(Dataset excerpts)
━━━━
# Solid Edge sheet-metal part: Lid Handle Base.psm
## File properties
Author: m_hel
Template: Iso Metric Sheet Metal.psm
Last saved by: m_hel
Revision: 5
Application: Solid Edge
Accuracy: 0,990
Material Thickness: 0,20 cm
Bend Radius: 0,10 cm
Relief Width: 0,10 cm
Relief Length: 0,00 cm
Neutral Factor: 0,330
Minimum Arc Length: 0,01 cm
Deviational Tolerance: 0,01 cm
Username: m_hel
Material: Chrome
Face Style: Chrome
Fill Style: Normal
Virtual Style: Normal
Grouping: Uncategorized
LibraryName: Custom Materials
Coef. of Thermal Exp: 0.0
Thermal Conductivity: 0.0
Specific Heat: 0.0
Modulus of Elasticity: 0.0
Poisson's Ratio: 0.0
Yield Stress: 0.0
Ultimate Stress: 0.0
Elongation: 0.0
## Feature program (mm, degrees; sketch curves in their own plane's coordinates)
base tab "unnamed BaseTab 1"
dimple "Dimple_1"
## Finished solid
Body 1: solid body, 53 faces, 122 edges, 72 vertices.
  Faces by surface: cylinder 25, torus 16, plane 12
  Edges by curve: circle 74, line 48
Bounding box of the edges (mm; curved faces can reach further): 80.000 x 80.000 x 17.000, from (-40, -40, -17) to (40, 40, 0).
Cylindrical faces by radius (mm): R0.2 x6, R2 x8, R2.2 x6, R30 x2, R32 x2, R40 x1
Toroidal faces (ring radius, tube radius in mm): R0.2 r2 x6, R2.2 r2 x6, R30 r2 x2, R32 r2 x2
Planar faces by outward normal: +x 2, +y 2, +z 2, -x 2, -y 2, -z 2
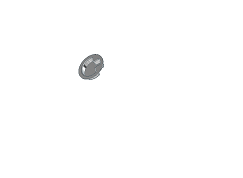
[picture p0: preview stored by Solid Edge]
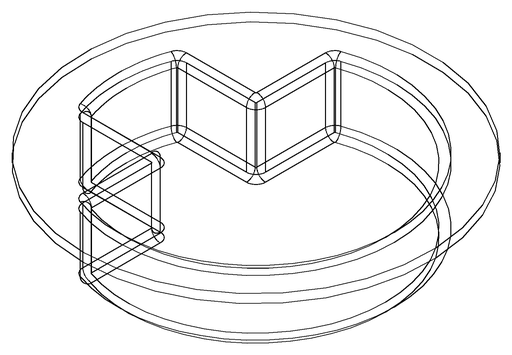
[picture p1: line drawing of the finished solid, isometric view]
━━━━
== WORK ORDER ==
Across the data above, how many lines carry the word "picture"? Only the number is needed.

== REPLY TO THE TASK ==
2